[Records contained in a dataset]
---
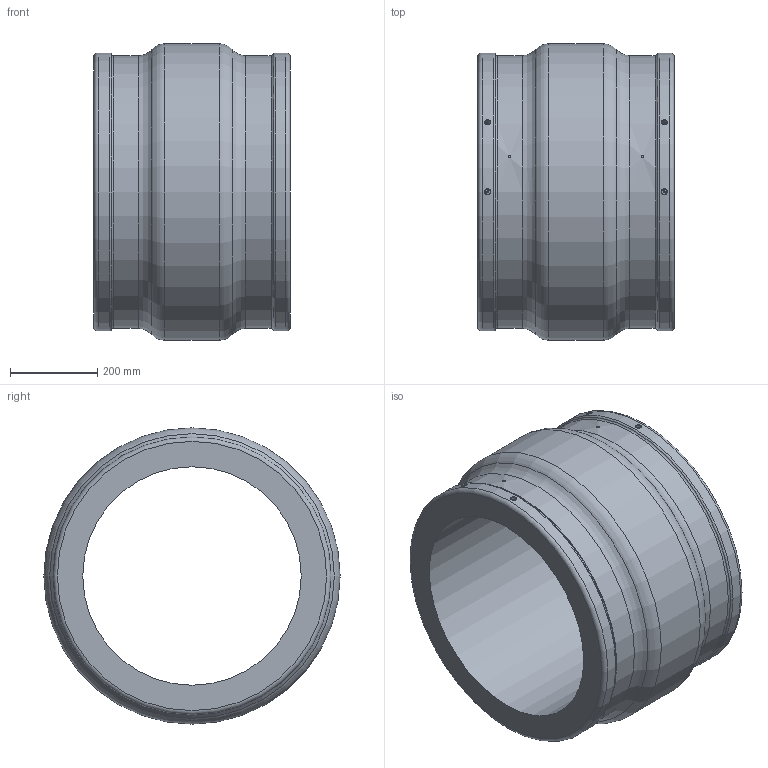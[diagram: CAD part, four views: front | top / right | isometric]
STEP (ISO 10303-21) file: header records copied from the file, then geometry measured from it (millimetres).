
FILE_DESCRIPTION(/* description */ ('Unknown'),/* implementation_level */ '2;1');
FILE_NAME(/* name */ 'MP500H',/* time_stamp */ '2021-06-23T17:11:48+02:00',/* author */ ('Unknown'),/* organization */ ('Unknown'),/* preprocessor_version */ 'ST-DEVELOPER v16.7',/* originating_system */ 'Solid Edge',/* authorisation */ 'Unknown');
FILE_SCHEMA (('AUTOMOTIVE_DESIGN {1 0 10303 214 3 1 1}'));
Length unit declared in the file: millimetre
Products named in the file (1): MP500H
Bounding box: 450 x 678 x 678 mm (x, y, z)
Volume: 60344124.6 mm3; surface area: 1893311 mm2
Topology: 1 solids, 1 shells, 42 faces, 85 edges, 54 vertices
Faces by surface type: cylinder 16, plane 10, torus 10, bspline 6
Full cylindrical faces by diameter (mm): 4 x4, 12 x4, 500 x1, 624 x2, 636 x2, 678 x1
Entity records: 1392 total; most frequent: CARTESIAN_POINT 695, DIRECTION 134, ORIENTED_EDGE 84, EDGE_LOOP 84, FACE_BOUND 84, AXIS2_PLACEMENT_3D 67, EDGE_CURVE 42, VERTEX_POINT 42
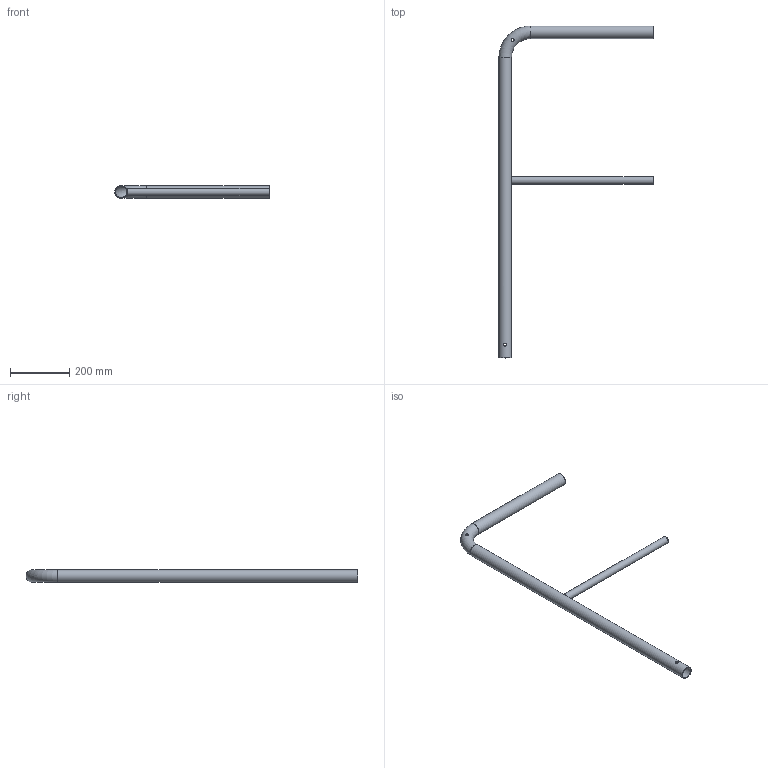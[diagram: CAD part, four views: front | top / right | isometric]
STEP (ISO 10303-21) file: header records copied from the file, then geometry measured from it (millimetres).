
FILE_DESCRIPTION((''),'2;1');
FILE_NAME('S:\Användarkataloger\AndreasA\Mina Inventor filer\Räcken\STEP\ändräcke_smodul_500-1100.stp','2010-09-07T13:41:46',('AndreasA'),(''),'Autodesk Inventor 2011','Autodesk Inventor 2011','');
FILE_SCHEMA(('AUTOMOTIVE_DESIGN { 1 0 10303 214 1 1 1 1 }'));
Length unit declared in the file: millimetre
Products named in the file (3): ändräcke_smodul_500-1100; hledare_ändräcke_smodul_500-1100; mellanliggare_stormodul_479
Assembly tree (2 placements, depth 2):
  ändräcke_smodul_500-1100
    hledare_ändräcke_smodul_500-1100
    mellanliggare_stormodul_479
Bounding box: 521.2 x 1121.2 x 42.4 mm (x, y, z)
Volume: 465280 mm3; surface area: 466332.9 mm2
Topology: 2 solids, 2 shells, 16 faces, 32 edges, 20 vertices
Faces by surface type: cylinder 10, plane 4, torus 2
Full cylindrical faces by diameter (mm): 10 x4, 21 x1, 25 x1, 38.4 x2, 42.4 x2
Entity records: 804 total; most frequent: CARTESIAN_POINT 419, DIRECTION 66, ORIENTED_EDGE 40, EDGE_LOOP 40, AXIS2_PLACEMENT_3D 33, FACE_BOUND 24, VERTEX_POINT 20, EDGE_CURVE 20
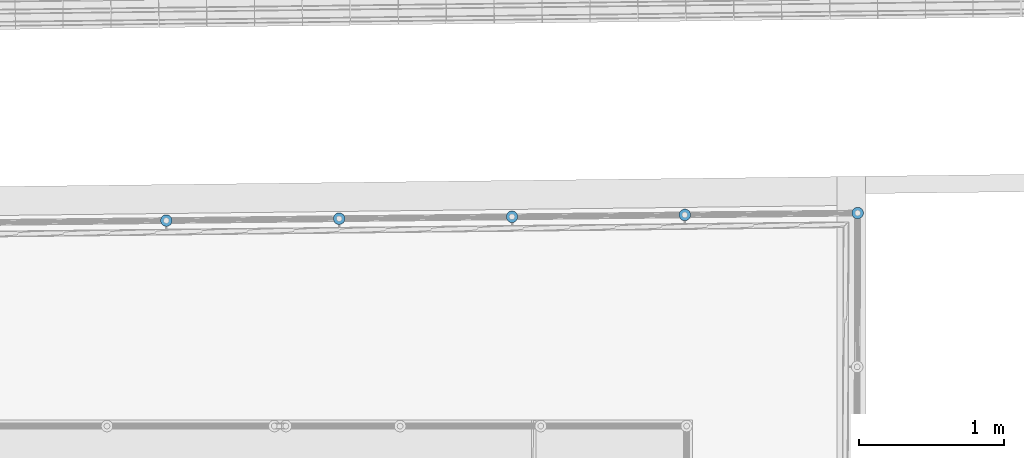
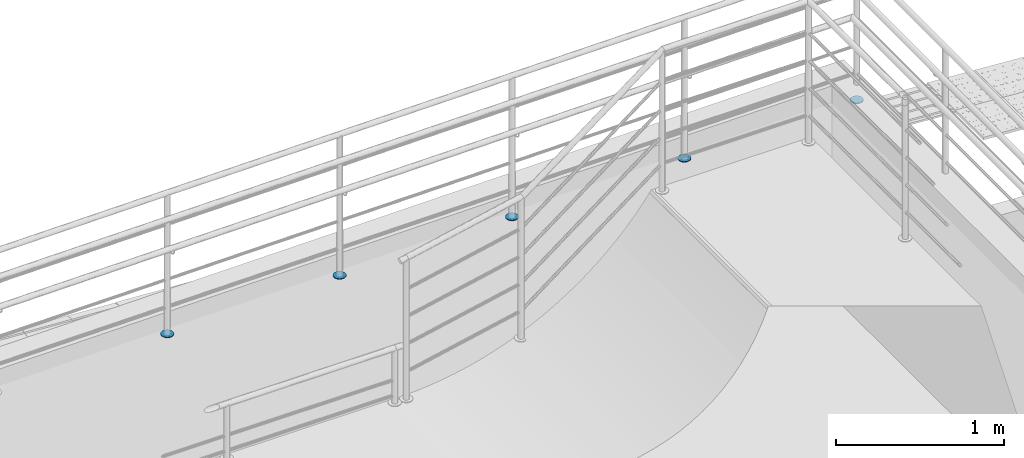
# One storey, part 127 of 237: 5 building element parts, 1 element without a shape of its own.
"""IFC2X3 building model written with IfcOpenShell, lengths in millimetres."""

from ifc_helpers import new_model, entity, si_unit, converted_unit, derived_unit, money_unit, direction, frame, origin_with_axes, place, context, subcontext, project, spatial, faceted_brep, material, type_object, element, aggregate, save


model = new_model("IFC2X3")

# Units and contexts
model_context = context("Model", 3, precision=0.01, world=origin_with_axes(), true_north=direction((0.0, 1.0)))
body_context = subcontext(model_context, "Body", "Model", "MODEL_VIEW")
ifc_project = project(units=[si_unit("LENGTHUNIT", "METRE", prefix="MILLI"), si_unit("AREAUNIT", "SQUARE_METRE"), si_unit("VOLUMEUNIT", "CUBIC_METRE"), converted_unit("PLANEANGLEUNIT", "DEGREE", entity("IfcPlaneAngleMeasure", 0.0174532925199), si_unit("PLANEANGLEUNIT", "RADIAN"), dimensions=[0, 0, 0, 0, 0, 0, 0]), money_unit("USD"), converted_unit("TIMEUNIT", "Year", entity("IfcTimeMeasure", 31556926.0), si_unit("TIMEUNIT", "SECOND"), dimensions=[0, 0, 1, 0, 0, 0, 0]), si_unit("MASSUNIT", "GRAM", prefix="KILO"), si_unit("THERMODYNAMICTEMPERATUREUNIT", "DEGREE_CELSIUS"), si_unit("LUMINOUSINTENSITYUNIT", "LUMEN"), si_unit("ENERGYUNIT", "JOULE", prefix="MEGA"), derived_unit("THERMALCONDUCTANCEUNIT", [(si_unit("POWERUNIT", "WATT"), 1), (si_unit("LENGTHUNIT", "METRE"), -1), (si_unit("THERMODYNAMICTEMPERATUREUNIT", "KELVIN"), -1)]), derived_unit("SPECIFICHEATCAPACITYUNIT", [(si_unit("ENERGYUNIT", "JOULE"), 1), (si_unit("MASSUNIT", "GRAM", prefix="KILO"), -1), (si_unit("THERMODYNAMICTEMPERATUREUNIT", "KELVIN"), -1)]), derived_unit("MASSDENSITYUNIT", [(si_unit("MASSUNIT", "GRAM", prefix="KILO"), 1), (si_unit("VOLUMEUNIT", "CUBIC_METRE"), -1)])], contexts=[model_context])

# Site, building, storey
site_placement = place(None, origin_with_axes())
site = spatial("IfcSite", under=ifc_project, at=site_placement, Name="Local", CompositionType="ELEMENT")
building_placement = place(site_placement, origin_with_axes())
building = spatial("IfcBuilding", under=site, at=building_placement, Name="Construção", CompositionType="ELEMENT")
storey_placement = place(building_placement, origin_with_axes())
storey = spatial("IfcBuildingStorey", under=building, at=storey_placement, Name="Pavimento Térreo", CompositionType="ELEMENT", Elevation=0.0)

# Railing, building element parts
railing_type = type_object("IfcRailingType", Name="Tipo de Guarda-Corpo", PredefinedType="NOTDEFINED")
railing_placement = place(storey_placement, frame((70326.6870103, 28675.2458388, -1357.10819655), z_axis=(0.0, 0.0, 1.0), x_axis=(1.0, 0.0, 0.0)))
railing = element("IfcRailing", 1, at=railing_placement, inside=storey, type_object=railing_type, Name="Guarda-Corpo - 004", PredefinedType="NOTDEFINED")
ifc_material = material(Name="Alumínio")
building_element_part_1_placement = place(railing_placement, origin_with_axes())
building_element_part_1 = element("IfcBuildingElementPart", 2, at=building_element_part_1_placement, material=ifc_material, Name="Alumínio", context=body_context, shape_type="Brep", body=[
    faceted_brep([(-4721.75844762, 6692.00261645, 0.0), (-4728.70616313, 6691.41572676, 0.0), (-4728.70616313, 6691.41572676, 5.0), (-4721.75844762, 6692.00261645, 5.0), (-4714.81437119, 6691.37413183, 0.0), (-4708.08492609, 6689.54936909, 0.0), (-4701.77458311, 6686.58377272, 0.0), (-4696.07507883, 6682.56745086, 0.0), (-4691.15958979, 6677.62243742, 0.0), (-4687.17747065, 6671.89898414, 0.0), (-4684.24971608, 6665.57099524, 0.0), (-4682.46528442, 6658.83074346, 0.0), (-4681.87839473, 6651.88302795, 0.0), (-4682.50687934, 6644.93895152, 0.0), (-4684.33164208, 6638.20950642, 0.0), (-4687.29723846, 6631.89916344, 0.0), (-4691.31356032, 6626.19965916, 0.0), (-4696.25857375, 6621.28417012, 0.0), (-4701.98202704, 6617.30205098, 0.0), (-4708.31001594, 6614.37429641, 0.0), (-4715.05026772, 6612.58986475, 0.0), (-4721.99798323, 6612.00297506, 0.0), (-4728.94205966, 6612.63145968, 0.0), (-4735.67150475, 6614.45622242, 0.0), (-4741.98184773, 6617.42181879, 0.0), (-4747.68135202, 6621.43814065, 0.0), (-4752.59684105, 6626.38315408, 0.0), (-4756.5789602, 6632.10660737, 0.0), (-4759.50671477, 6638.43459627, 0.0), (-4761.29114642, 6645.17484805, 0.0), (-4761.87803612, 6652.12256356, 0.0), (-4761.2495515, 6659.06663999, 0.0), (-4759.42478876, 6665.79608509, 0.0), (-4756.45919239, 6672.10642806, 0.0), (-4752.44287053, 6677.80593235, 0.0), (-4747.49785709, 6682.72142139, 0.0), (-4741.77440381, 6686.70354053, 0.0), (-4735.44641491, 6689.6312951, 0.0), (-4735.44641491, 6689.6312951, 5.0), (-4741.77440381, 6686.70354053, 5.0), (-4747.49785709, 6682.72142139, 5.0), (-4752.44287053, 6677.80593235, 5.0), (-4756.45919239, 6672.10642806, 5.0), (-4759.42478876, 6665.79608509, 5.0), (-4761.2495515, 6659.06663999, 5.0), (-4761.87803612, 6652.12256356, 5.0), (-4761.29114642, 6645.17484805, 5.0), (-4759.50671477, 6638.43459627, 5.0), (-4756.5789602, 6632.10660737, 5.0), (-4752.59684105, 6626.38315408, 5.0), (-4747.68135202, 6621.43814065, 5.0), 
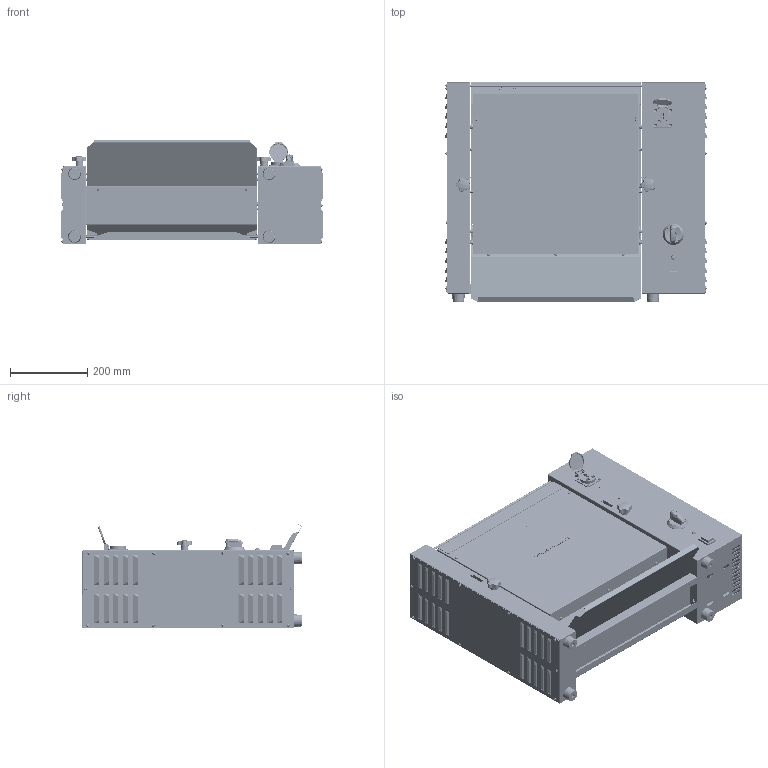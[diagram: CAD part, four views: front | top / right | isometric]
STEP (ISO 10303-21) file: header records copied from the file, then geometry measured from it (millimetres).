
FILE_DESCRIPTION (( 'STEP AP214' ), '1' );
FILE_NAME ('pres-CTV600B.STEP', '2025-01-16T15:46:45', ( '' ), ( '' ), 'SwSTEP 2.0', 'SolidWorks 2025', '' );
FILE_SCHEMA (( 'AUTOMOTIVE_DESIGN' ));
Length unit declared in the file: millimetre
Products named in the file (1): pres-CTV600B
Bounding box: 682.36 x 570.13 x 271.89 mm (x, y, z)
Volume: 3847954.8 mm3; surface area: 4153148.2 mm2
Topology: 179 solids, 185 shells, 6748 faces, 16276 edges, 10080 vertices
Faces by surface type: plane 3274, cylinder 1988, bspline 837, cone 372, torus 221, sphere 56
Entity records: 315139 total; most frequent: CARTESIAN_POINT 88475, ORIENTED_EDGE 32362, DIRECTION 30141, EDGE_CURVE 16181, AXIS2_PLACEMENT_3D 10558, VERTEX_POINT 10077, LINE 9025, VECTOR 9025
---
**Goal of the exercise**
Copy out every line of the data that includes "NOTDEFINED".

**Solution below**
railing_type = type_object("IfcRailingType", Name="Tipo de Guarda-Corpo", PredefinedType="NOTDEFINED")
railing = element("IfcRailing", 1, at=railing_placement, inside=storey, type_object=railing_type, Name="Guarda-Corpo - 004", PredefinedType="NOTDEFINED")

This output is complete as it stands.